The Shuwwaffa role in society has survived and has been transformed through urbanization in order to still serve an active function in a modern society. However, it is interesting that this niche was and still is prevalent even though these women are practicing magic in order to promote agency for women in a male dominated society.
The Shawaffat are categorized into four categories: spirit medium/seer, spirit medium/spell breaker and caster, cult leader/spirit possession healing, and “therapist.” The first three categories are roles of Shawaffa, which existed before in society, but the last one is a construction developed from modernity. All of these roles are meant to serve and help women afflicted with a variety of spirit related problems. This folk role of the Shuwwaffa is holding on to legitimacy because they are pursuing problems related to Jnun, which is mentioned in the Koran.
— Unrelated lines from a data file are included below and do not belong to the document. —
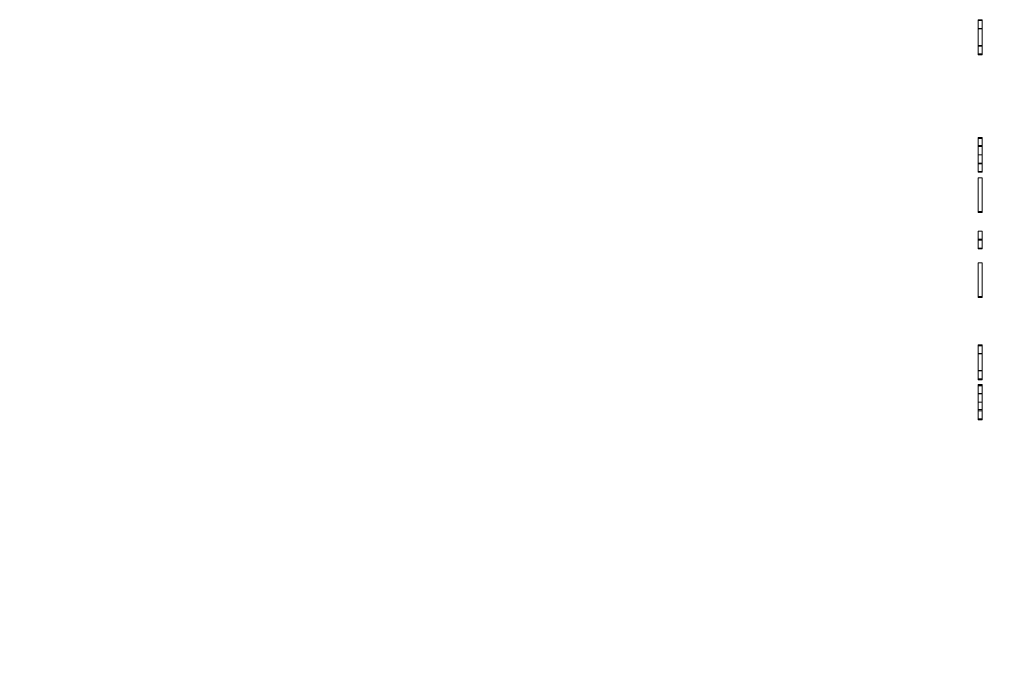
# Model space of a CAD drawing. Header units: inches. Extents: x -309.6 to -246.3, y -60.7 to 34.9.
# Tile 2 of 6: x -309.6 to -304.7, y -13.4 to -10.2. Entities that reach past the tile are written whole.
import ezdxf

# ---------------------------------------------------------------- set-up
doc = ezdxf.new("R2010")
doc.units = ezdxf.units.IN
doc.header["$LTSCALE"] = 32
doc.header["$MEASUREMENT"] = 0
doc.header["$PDMODE"] = 1
doc.header["$PDSIZE"] = -2
for name, color, linetype, lineweight in [('Drawing', 7, 'Continuous', 18), ('Metal-Black', 7, 'Continuous', 18), ('None', 7, 'Continuous', 18), ('SolidLine', 7, 'Continuous', 15)]:
    doc.layers.add(name, color=color, linetype=linetype, lineweight=lineweight)
doc.layers.add('Notes', color=1, linetype='Continuous', lineweight=18, true_color=0xff0000)

# ---------------------------------------------------------------- blocks, each defined once
blk = doc.blocks.new('1BRPT9-Bracket (3D)')
at = {"layer": 'Notes', "color": 7}
for points in [[(2.323, 0.1222, -1.5671), (2.323, 0.0779, -1.6095), (2.323, -0.0089, -1.6095), (2.323, -0.0532, -1.5652), (2.323, -0.0532, -1.3936), (2.323, -0.0089, -1.3493), (2.323, 0.0779, -1.3493), (2.323, 0.1222, -1.3936), (2.323, 0.1185, -1.3973), (2.323, 0.076, -1.3549), (2.323, -0.007, -1.3549), (2.323, -0.0476, -1.3955), (2.323, -0.0476, -1.5634), (2.323, -0.007, -1.604), (2.323, 0.076, -1.604), (2.323, 0.1185, -1.5634), (2.323, 0.1222, -1.5671)], [(2.323, 0.1185, -1.5634), (2.3427, 0.1185, -1.5634), (2.3427, 0.1222, -1.5671), (2.323, 0.1222, -1.5671), (2.323, 0.1185, -1.5634)], [(2.323, 0.1222, -1.3936), (2.3427, 0.1222, -1.3936), (2.3427, 0.1185, -1.3973), (2.323, 0.1185, -1.3973), (2.323, 0.1222, -1.3936)], [(2.323, 0.0779, -1.3493), (2.3427, 0.0779, -1.3493), (2.3427, 0.1222, -1.3936), (2.323, 0.1222, -1.3936), (2.323, 0.0779, -1.3493)], [(2.323, 0.1222, -1.5671), (2.3427, 0.1222, -1.5671), (2.3427, 0.0779, -1.6095), (2.323, 0.0779, -1.6095), (2.323, 0.1222, -1.5671)], [(2.323, 0.076, -1.604), (2.3427, 0.076, -1.604), (2.3427, 0.1185, -1.5634), (2.323, 0.1185, -1.5634), (2.323, 0.076, -1.604)], [(2.323, 0.1185, -1.3973), (2.3427, 0.1185, -1.3973), (2.3427, 0.076, -1.3549), (2.323, 0.076, -1.3549), (2.323, 0.1185, -1.3973)], [(2.3427, 0.1222, -1.5671), (2.3427, 0.0779, -1.6095), (2.3427, -0.0089, -1.6095), (2.3427, -0.0532, -1.5652), (2.3427, -0.0532, -1.3936), (2.3427, -0.0089, -1.3493), (2.3427, 0.0779, -1.3493), (2.3427, 0.1222, -1.3936), (2.3427, 0.1185, -1.3973), (2.3427, 0.076, -1.3549), (2.3427, -0.007, -1.3549), (2.3427, -0.0476, -1.3955), (2.3427, -0.0476, -1.5634), (2.3427, -0.007, -1.604), (2.3427, 0.076, -1.604), (2.3427, 0.1185, -1.5634), (2.3427, 0.1222, -1.5671)], [(2.323, -0.0089, -1.3493), (2.3427, -0.0089, -1.3493), (2.3427, 0.0779, -1.3493), (2.323, 0.0779, -1.3493), (2.323, -0.0089, -1.3493)], [(2.323, 0.0779, -1.6095), (2.3427, 0.0779, -1.6095), (2.3427, -0.0089, -1.6095), (2.323, -0.0089, -1.6095), (2.323, 0.0779, -1.6095)], [(2.323, -0.007, -1.604), (2.3427, -0.007, -1.604), (2.3427, 0.076, -1.604), (2.323, 0.076, -1.604), (2.323, -0.007, -1.604)], [(2.323, 0.076, -1.3549), (2.3427, 0.076, -1.3549), (2.3427, -0.007, -1.3549), (2.323, -0.007, -1.3549), (2.323, 0.076, -1.3549)], [(2.323, -0.0476, -1.5634), (2.3427, -0.0476, -1.5634), (2.3427, -0.007, -1.604), (2.323, -0.007, -1.604), (2.323, -0.0476, -1.5634)], [(2.323, -0.007, -1.3549), (2.3427, -0.007, -1.3549), (2.3427, -0.0476, -1.3955), (2.323, -0.0476, -1.3955), (2.323, -0.007, -1.3549)], [(2.323, -0.0532, -1.3936), (2.3427, -0.0532, -1.3936), (2.3427, -0.0089, -1.3493), (2.323, -0.0089, -1.3493), (2.323, -0.0532, -1.3936)], [(2.323, -0.0089, -1.6095), (2.3427, -0.0089, -1.6095), (2.3427, -0.0532, -1.5652), (2.323, -0.0532, -1.5652), (2.323, -0.0089, -1.6095)], [(2.323, -0.0476, -1.3955), (2.3427, -0.0476, -1.3955), (2.3427, -0.0476, -1.5634), (2.323, -0.0476, -1.5634), (2.323, -0.0476, -1.3955)], [(2.323, -0.0532, -1.5652), (2.3427, -0.0532, -1.5652), (2.3427, -0.0532, -1.3936), (2.323, -0.0532, -1.3936), (2.323, -0.0532, -1.5652)], [(2.323, -0.4641, -1.5652), (2.323, -0.5084, -1.6095), (2.323, -0.5951, -1.6095), (2.323, -0.6376, -1.5671), (2.323, -0.6339, -1.5634), (2.323, -0.5933, -1.604), (2.323, -0.5102, -1.604), (2.323, -0.4696, -1.5634), (2.323, -0.4696, -1.5228), (2.323, -0.5102, -1.4822), (2.323, -0.5508, -1.4822), (2.323, -0.5508, -1.4767), (2.323, -0.5102, -1.4767), (2.323, -0.4696, -1.4361), (2.323, -0.4696, -1.3955), (2.323, -0.5102, -1.3549), (2.323, -0.5933, -1.3549), (2.323, -0.6339, -1.3973), (2.323, -0.6376, -1.3936), (2.323, -0.5951, -1.3493), (2.323, -0.5084, -1.3493), (2.323, -0.4641, -1.3936), (2.323, -0.4641, -1.4379), (2.323, -0.5047, -1.4804), (2.323, -0.4641, -1.521), (2.323, -0.4641, -1.5652)], [(2.323, -0.4641, -1.521), (2.3427, -0.4641, -1.521), (2.3427, -0.4641, -1.5652), (2.323, -0.4641, -1.5652), (2.323, -0.4641, -1.521)], [(2.323, -0.5047, -1.4804), (2.3427, -0.5047, -1.4804), (2.3427, -0.4641, -1.521), (2.323, -0.4641, -1.521), (2.323, -0.5047, -1.4804)], [(2.323, -0.4641, -1.4379), (2.3427, -0.4641, -1.4379), (2.3427, -0.5047, -1.4804), (2.323, -0.5047, -1.4804), (2.323, -0.4641, -1.4379)], [(2.323, -0.4641, -1.3936), (2.3427, -0.4641, -1.3936), (2.3427, -0.4641, -1.4379), (2.323, -0.4641, -1.4379), (2.323, -0.4641, -1.3936)], [(2.323, -0.5084, -1.3493), (2.3427, -0.5084, -1.3493), (2.3427, -0.4641, -1.3936), (2.323, -0.4641, -1.3936), (2.323, -0.5084, -1.3493)], [(2.323, -0.4641, -1.5652), (2.3427, -0.4641, -1.5652), (2.3427, -0.5084, -1.6095), (2.323, -0.5084, -1.6095), (2.323, -0.4641, -1.5652)], [(2.323, -0.4696, -1.3955), (2.3427, -0.4696, -1.3955), (2.3427, -0.5102, -1.3549), (2.323, -0.5102, -1.3549), (2.323, -0.4696, -1.3955)], [(2.323, -0.4696, -1.4361), (2.3427, -0.4696, -1.4361), (2.3427, -0.4696, -1.3955), (2.323, -0.4696, -1.3955), (2.323, -0.4696, -1.4361)], [(2.323, -0.5102, -1.4767), (2.3427, -0.5102, -1.4767), (2.3427, -0.4696, -1.4361), (2.323, -0.4696, -1.4361), (2.323, -0.5102, -1.4767)], [(2.323, -0.4696, -1.5228), (2.3427, -0.4696, -1.5228), (2.3427, -0.5102, -1.4822), (2.323, -0.5102, -1.4822), (2.323, -0.4696, -1.5228)], [(2.323, -0.4696, -1.5634), (2.3427, -0.4696, -1.5634), (2.3427, -0.4696, -1.5228), (2.323, -0.4696, -1.5228), (2.323, -0.4696, -1.5634)], [(2.323, -0.5102, -1.604), (2.3427, -0.5102, -1.604), (2.3427, -0.4696, -1.5634), (2.323, -0.4696, -1.5634), (2.323, -0.5102, -1.604)], [(2.3427, -0.4641, -1.5652), (2.3427, -0.5084, -1.6095), (2.3427, -0.5951, -1.6095), (2.3427, -0.6376, -1.5671), (2.3427, -0.6339, -1.5634), (2.3427, -0.5933, -1.604), (2.3427, -0.5102, -1.604), (2.3427, -0.4696, -1.5634), (2.3427, -0.4696, -1.5228), (2.3427, -0.5102, -1.4822), (2.3427, -0.5508, -1.4822), (2.3427, -0.5508, -1.4767), (2.3427, -0.5102, -1.4767), (2.3427, -0.4696, -1.4361), (2.3427, -0.4696, -1.3955), (2.3427, -0.5102, -1.3549), (2.3427, -0.5933, -1.3549), (2.3427, -0.6339, -1.3973), (2.3427, -0.6376, -1.3936), (2.3427, -0.5951, -1.3493), (2.3427, -0.5084, -1.3493), (2.3427, -0.4641, -1.3936), (2.3427, -0.4641, -1.4379), (2.3427, -0.5047, -1.4804), (2.3427, -0.4641, -1.521), (2.3427, -0.4641, -1.5652)], [(2.323, -0.5951, -1.3493), (2.3427, -0.5951, -1.3493), (2.3427, -0.5084, -1.3493), (2.323, -0.5084, -1.3493), (2.323, -0.5951, -1.3493)], [(2.323, -0.5084, -1.6095), (2.3427, -0.5084, -1.6095), (2.3427, -0.5951, -1.6095), (2.323, -0.5951, -1.6095), (2.323, -0.5084, -1.6095)], [(2.323, -0.5102, -1.3549), (2.3427, -0.5102, -1.3549), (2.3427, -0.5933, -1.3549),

I find this interesting because they are using magic as a way to counteract the jinn, which could be perceived as witchcraft, a practice that is prohibited in normative religion. However, like the Hamadsha, becoming a Shawaffa is an elevation of status. This creates a double standard within this society where some women practicing magic are deemed a hindrance towards society (witch) or a symbol of women empowerment (Shawaffa). This leads me to believe that a Shuwwaffa is essentially an accepted form of witchcraft.
Regardless, the Shuwwaffat are a significant part of society even though they are arguably practicing a traditional taboo practice. Their response to modernity made these women innovate their roles through the use of advertisements, calling cards, and access to money. These innovations allow the Shawaffat to continue to be a functioning part in society.